Objective: We have developed a method to automatically set regions of interest (ROI) (automated ROI) on cerebral blood flow single-photon emission computed tomography (SPECT) images with morphological information specific to the subjects. The objective was to set ROIs automatically without losing individual morphological information in the SPECT images and then evaluate its validity and clinical applicability.
Methods: We constructed the volume of interest (VOI) template on the standardized brain generated by NEUROSTAT to determine the regions for ROIs to be set. Assuming patients with cerebral vascular disease, the VOI template was constructed so that the ROIs were drawn for the major vascular regions and 17 regions in total within the hemisphere, basal ganglia, thalamus, cerebellar cortex, cerebellar vermis, and pons. By comparing the major vascular occlusion models, the accuracy of region setting by the VOI template was evaluated for validation. Using the anatomical standardization of NEUROSTAT and inverse transformation, the automated ROI transformed the VOI template into the individual brain shape and then the VOI template was extracted from each slice to determine ROIs. An evaluation was made by visually investigating the effect of a different image quality and cerebral blood flow tracers using brain phantom and clinical data. The regional cerebral blood flow (rCBF), determined by the manual setting method of ROI (manual ROI) and automated ROI, was compared. We also compared automated ROI with other morphological images using clinical data.

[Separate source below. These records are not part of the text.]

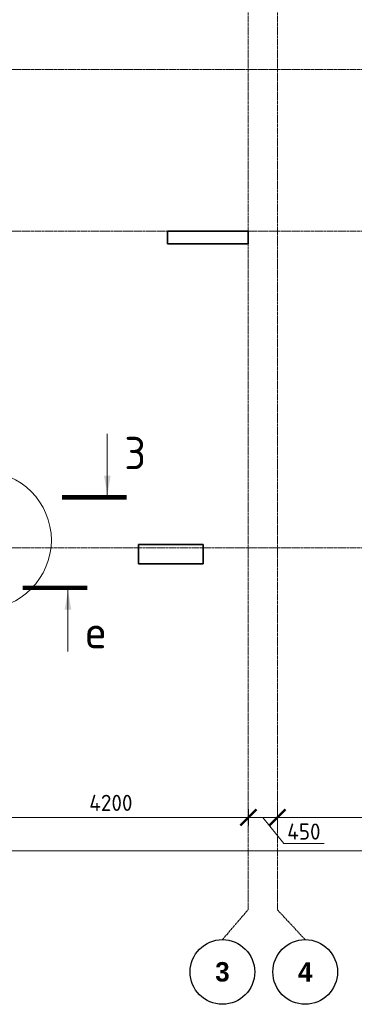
# Model space of a CAD drawing. Header units: millimetres. Extents: x 349531 to 1063351, y -131924 to 96186.
# Tile 61 of 230: x 448913 to 454088, y 15606 to 30837. Entities that reach past the tile are written whole.
import ezdxf

# ---------------------------------------------------------------- set-up
doc = ezdxf.new("R2010")
doc.units = ezdxf.units.MM
doc.linetypes.add('______5', pattern=[1100, 800, -100, 100, -100])
doc.linetypes.add('осевая', pattern=[50.8, 31.75, -6.35, 6.35, -6.35])
doc.layers.add('Колонна_ бетон', color=7, linetype='Continuous', lineweight=50, true_color=0xb4b496)
for name, color, linetype, lineweight in [('Конструкции 0.5', 5, 'Continuous', 50), ('Надписи', 200, 'Continuous', 18), ('Оси', 40, '______5', 18), ('РАЗМЕРЫ', 1, 'Continuous', 9), ('Узлы', 7, 'Continuous', 0)]:
    doc.layers.add(name, color=color, linetype=linetype, lineweight=lineweight)
doc.styles.add('Century Gothic', font='GOTHIC.TTF')
doc.styles.add('GOST-2.304_Type-B', font='GOST_Common.ttf')
doc.dimstyles.new('СПДС', dxfattribs={"dimscale": 100, "dimtxt": 2.5, "dimasz": 2.5, "dimexe": 1.25, "dimexo": 0, "dimtad": 1, "dimdec": 0, "dimtxsty": 'GOST-2.304_Type-B', "dimblk": 'ARCHTICK', "dimcen": 2.5, "dimdle": 2, "dimadec": 0, "dimazin": 2, "dimtfac": 0.75, "dimtdec": 0, "dimtmove": 1, "dimatfit": 3, "dimfxl": 1, "dimtolj": 1, "dimarcsym": 1})

# ---------------------------------------------------------------- blocks, each defined once
blk = doc.blocks.new('_ArchTick')
at = {"color": 0, "linetype": 'ByBlock', "const_width": 0.15}
blk.add_lwpolyline([(-0.5, -0.5), (0.5, 0.5)], dxfattribs=at)
blk = doc.blocks.new('*D1694')
at = {"color": 0, "lineweight": -2, "transparency": 16777216}
for p, q in [((983646, -19381), (983646, -19256)), ((1030446, -19495), (1030446, -19256)), ((983446, -19381), (1030646, -19381))]:
    blk.add_line(p, q, dxfattribs=at)
at = {"layer": 'DEFPOINTS', "color": 0, "transparency": 16777216}
for p in [(983646, -19381), (1030446, -19381), (1030446, -19495)]:
    blk.add_point(p, dxfattribs=at)
at = {"color": 0, "lineweight": -2, "transparency": 16777216, "xscale": 250, "yscale": 250, "zscale": 250, "rotation": 180}
blk.add_blockref('_ArchTick', (983646, -19381), dxfattribs=at)
at = {"color": 0, "lineweight": -2, "transparency": 16777216, "xscale": 250, "yscale": 250, "zscale": 250}
blk.add_blockref('_ArchTick', (1030446, -19381), dxfattribs=at)
at = {"color": 0, "transparency": 16777216, "insert": (1001863, -19270), "char_height": 250, "width": 104166.67, "attachment_point": 5, "style": 'GOST-2.304_Type-B'}
blk.add_mtext('\\A1;46800', dxfattribs=at)
blk = doc.blocks.new('NSY101')
at = {"color": 0, "linetype": 'ByBlock', "lineweight": -2}
blk.add_circle((0, 0), 50, dxfattribs=at)
blk = doc.blocks.new('СЛОЖНЫЙ_ОБЪЕКТ_48')
at = {"layer": 'Оси', "color": 16, "linetype": 'Continuous', "lineweight": 25, "transparency": 33554687, "xscale": 9.999999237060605, "yscale": 9.999999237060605, "zscale": 9.999999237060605}
blk.add_blockref('NSY101', (13893, -43009), dxfattribs=at)
at = {"layer": 'Оси', "color": 16, "linetype": 'Continuous', "lineweight": 25, "transparency": 33554687, "insert": (13893, -43009), "char_height": 300, "width": 385, "attachment_point": 5, "style": 'Century Gothic'}
blk.add_mtext('\\A1;{\\fCentury Gothic|i0|b1;\\H300.000000;\\W1.000000;\\C16;4}\\P', dxfattribs=at)
blk = doc.blocks.new('СЛОЖНЫЙ_ОБЪЕКТ_49')
at = {"layer": 'Оси', "color": 16, "linetype": 'Continuous', "lineweight": 25, "transparency": 33554687, "xscale": 9.999999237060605, "yscale": 9.999999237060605, "zscale": 9.999999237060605}
blk.add_blockref('NSY101', (12613, -43009), dxfattribs=at)
at = {"layer": 'Оси', "color": 16, "linetype": 'Continuous', "lineweight": 25, "transparency": 33554687, "insert": (12613, -43009), "char_height": 300, "width": 385, "attachment_point": 5, "style": 'Century Gothic'}
blk.add_mtext('\\A1;{\\fCentury Gothic|i0|b1;\\H300.000000;\\W1.000000;\\C16;3}\\P', dxfattribs=at)
blk = doc.blocks.new('*D1681')
at = {"color": 0, "lineweight": -2, "transparency": 16777216}
for p, q in [((987546, -18864), (992146, -18864)), ((987746, -18864), (987746, -18739)), ((991946, -18864), (991946, -18739))]:
    blk.add_line(p, q, dxfattribs=at)
at = {"layer": 'DEFPOINTS', "color": 0, "transparency": 16777216}
for p in [(987746, -18864), (991946, -18864), (991946, -18864)]:
    blk.add_point(p, dxfattribs=at)
at = {"color": 0, "lineweight": -2, "transparency": 16777216, "xscale": 250, "yscale": 250, "zscale": 250, "rotation": 180}
blk.add_blockref('_ArchTick', (987746, -18864), dxfattribs=at)
at = {"color": 0, "lineweight": -2, "transparency": 16777216, "xscale": 250, "yscale": 250, "zscale": 250}
blk.add_blockref('_ArchTick', (991946, -18864), dxfattribs=at)
at = {"color": 0, "transparency": 16777216, "insert": (989820, -18639), "char_height": 250, "width": 83333.33, "attachment_point": 5, "style": 'GOST-2.304_Type-B'}
blk.add_mtext('\\A1;4200', dxfattribs=at)
blk = doc.blocks.new('*D1682')
at = {"color": 0, "lineweight": -2, "transparency": 16777216}
for p, q in [((992196, -18864), (997196, -18864)), ((992396, -18864), (992396, -18739)), ((996996, -18864), (996996, -18739))]:
    blk.add_line(p, q, dxfattribs=at)
at = {"layer": 'DEFPOINTS', "color": 0, "transparency": 16777216}
for p in [(992396, -18864), (996996, -18864), (996996, -18864)]:
    blk.add_point(p, dxfattribs=at)
at = {"color": 0, "lineweight": -2, "transparency": 16777216, "xscale": 250, "yscale": 250, "zscale": 250, "rotation": 180}
blk.add_blockref('_ArchTick', (992396, -18864), dxfattribs=at)
at = {"color": 0, "lineweight": -2, "transparency": 16777216, "xscale": 250, "yscale": 250, "zscale": 250}
blk.add_blockref('_ArchTick', (996996, -18864), dxfattribs=at)
at = {"color": 0, "transparency": 16777216, "insert": (994670, -18639), "char_height": 250, "width": 83333.33, "attachment_point": 5, "style": 'GOST-2.304_Type-B'}
blk.add_mtext('\\A1;4600', dxfattribs=at)
blk = doc.blocks.new('*D1692')
at = {"color": 0, "lineweight": -2, "transparency": 16777216}
for p, q in [((992596, -18864), (991746, -18864)), ((991946, -18739), (991946, -18989)), ((992171, -18864), (992493, -19270)), ((992396, -18802), (992396, -18989)), ((992493, -19270), (993118, -19270))]:
    blk.add_line(p, q, dxfattribs=at)
at = {"layer": 'DEFPOINTS', "color": 0, "transparency": 16777216}
for p in [(991946, -18739), (991946, -18864), (992396, -18802)]:
    blk.add_point(p, dxfattribs=at)
at = {"color": 0, "lineweight": -2, "transparency": 16777216, "xscale": 250, "yscale": 250, "zscale": 250, "rotation": 180}
blk.add_blockref('_ArchTick', (991946, -18864), dxfattribs=at)
at = {"color": 0, "lineweight": -2, "transparency": 16777216, "xscale": 250, "yscale": 250, "zscale": 250}
blk.add_blockref('_ArchTick', (992396, -18864), dxfattribs=at)
at = {"color": 0, "transparency": 16777216, "insert": (992805, -19083), "char_height": 250, "attachment_point": 5, "style": 'GOST-2.304_Type-B'}
blk.add_mtext('\\A1;450', dxfattribs=at)
blk = doc.blocks.new('стены техподполья')
at = {"layer": 'Колонна_ бетон', "color": 180, "linetype": 'Continuous', "lineweight": 35, "transparency": 33554687}
for p, q in [((463986, -12144), (463986, -12144)), ((463986, -12144), (463986, -12344)), ((465236, -12144), (463986, -12144)), ((465236, -12144), (465236, -12144)), ((465236, -12344), (465236, -12144)), ((463986, -12344), (463986, -12344)), ((463986, -12344), (465236, -12344)), ((465236, -12344), (465236, -12344)), ((463536, -16994), (463536, -17294)), ((463536, -16994), (464536, -16994)), ((464536, -16994), (464536, -17294)), ((464536, -17294), (463536, -17294))]:
    blk.add_line(p, q, dxfattribs=at)
blk = doc.blocks.new('оси2')
at = {"layer": 'Оси', "color": 16, "linetype": 'осевая', "lineweight": 0, "transparency": 33554687}
for p, q in [((991945.5, 4955.2), (991945.5, -20287.7)), ((992395.5, 4955.2), (992395.5, -20293.6)), ((979200, -7292.9), (1032582.1, -7292.9)), ((979200, -9792.9), (1032582.1, -9792.9)), ((979200, -14692.9), (1032582.1, -14692.9)), ((991545, -20755.1), (991945.5, -20287.7)), ((992825, -20755.1), (992395.5, -20293.6))]:
    blk.add_line(p, q, dxfattribs=at)
at = {"layer": 'Оси', "color": 16, "linetype": 'Continuous', "lineweight": 25, "transparency": 33554687}
for name in ['СЛОЖНЫЙ_ОБЪЕКТ_49', 'СЛОЖНЫЙ_ОБЪЕКТ_48']:
    blk.add_blockref(name, (978932, 21754.4), dxfattribs=at)
for base, p1, p2, picture, middle in [((991945.5, -18864.1), (987745.5, -18864.1), (991945.5, -18864.1), '*D1681', (989820.4, -18864.1)), ((996995.5, -18864.1), (992395.5, -18864.1), (996995.5, -18864.1), '*D1682', (994670.4, -18864.1)), ((1030445.5, -19380.9), (983645.5, -19380.9), (1030445.5, -19495.3), '*D1694', (1001863, -19495.3))]:
    dim = blk.add_linear_dim(base=base, p1=p1, p2=p2, dimstyle='СПДС', override={"dimgap": 1})
    dim.commit()
    dim.dimension.update_dxf_attribs({"geometry": picture, "text_midpoint": middle, "dimtype": 160})
dim = blk.add_linear_dim(base=(991945.5, -18864.1), p1=(992395.5, -18801.6), p2=(991945.5, -18739.1), dimstyle='СПДС')
dim.commit()
dim.dimension.update_dxf_attribs({"geometry": '*D1692', "text_midpoint": (992555.1, -19270.3), "dimtype": 160})

msp = doc.modelspace()

# ---------------------------------------------------------------- linework, layer by layer
at = {"layer": 'Надписи', "color": 0}
msp.add_circle((448339.2, 22785.5, 520), 1064.1, dxfattribs=at)
at = {"layer": 'Узлы', "color": 1, "linetype": 'Continuous', "lineweight": 0}
for p, q in [((450268.2, 23483.3), (450268.2, 24433.3)), ((449659.8, 22014, 360), (449659.8, 21064, 360))]:
    msp.add_line(p, q, dxfattribs=at)
at = {"layer": 'Узлы', "color": 1, "linetype": 'Continuous', "lineweight": 0, "const_width": 70}
msp.add_lwpolyline([(450568.2, 23448.3), (449568.2, 23448.3)], dxfattribs=at)
at = {"layer": 'Узлы', "color": 1, "linetype": 'Continuous', "lineweight": 0, "const_width": 70, "elevation": 360}
msp.add_lwpolyline([(449959.8, 22049), (448959.8, 22049)], dxfattribs=at)
at = {"layer": 'Узлы', "color": 1, "linetype": 'Continuous', "lineweight": 0}
for points in [[(450268.2, 23483.3), (450318.5, 23783.8), (450218, 23783.8)], [(449659.8, 22014, 360), (449609.5, 21713.5, 360), (449710.1, 21713.5, 360)]]:
    msp.add_solid(points, dxfattribs=at)

# ---------------------------------------------------------------- block references
at = {"layer": 'Конструкции 0.5'}
msp.add_blockref('стены техподполья', (-12786.7, 39712.1, 160), dxfattribs=at)
at = {"layer": 'РАЗМЕРЫ'}
msp.add_blockref('оси2', (-539496.3, 37361.4, -200), dxfattribs=at)

# ---------------------------------------------------------------- texts
at = {"layer": 'Узлы', "color": 1, "linetype": 'Continuous', "lineweight": 0, "char_height": 500, "attachment_point": 5, "style": 'GOST-2.304_Type-B'}
for s, heights, insert in [('3', [0], (450698.2, 24133.3)), ('е', [500], (450089.8, 21364, 360))]:
    msp.add_mtext_dynamic_manual_height_columns(s, width=723.88, gutter_width=25, heights=heights, dxfattribs=dict(at, insert=insert))

doc.saveas('drawing.dxf')

Results: The VOI templates accurately showed the region with the reduced blood flow in the major vascular occlusion model, which validated the proper ROI setting. The brain phantom study demonstrated that ROI settings were least influenced by matrix size, image quality, and image rotation. The observation with the clinical data also indicated that the variation in cerebral blood flow tracers little affected the ROI settings. The comparison with manual ROI revealed a strong correlation between the two ROI settings, and the mean values within both ROIs were similar. The comparative evaluation with morphological images, obtained by magnetic resonance imaging (MRI), verified the accurate setting of ROI.
Conclusions: The automated ROI achieved successful automatic ROI settings without distorting individual SPECT images. The automated ROI is not affected by the differences in the image quality or the cerebral blood flow tracers, which suggests versatile applicability. Thus, the use of automated ROI may eliminate the interoperator and interfacility variability in ROI setting and improve objectivity and reproducibility. It also allows comparative evaluation at the same transverse level with images acquired with other modalities such as MRI and is expected to enhance the clinical diagnosis.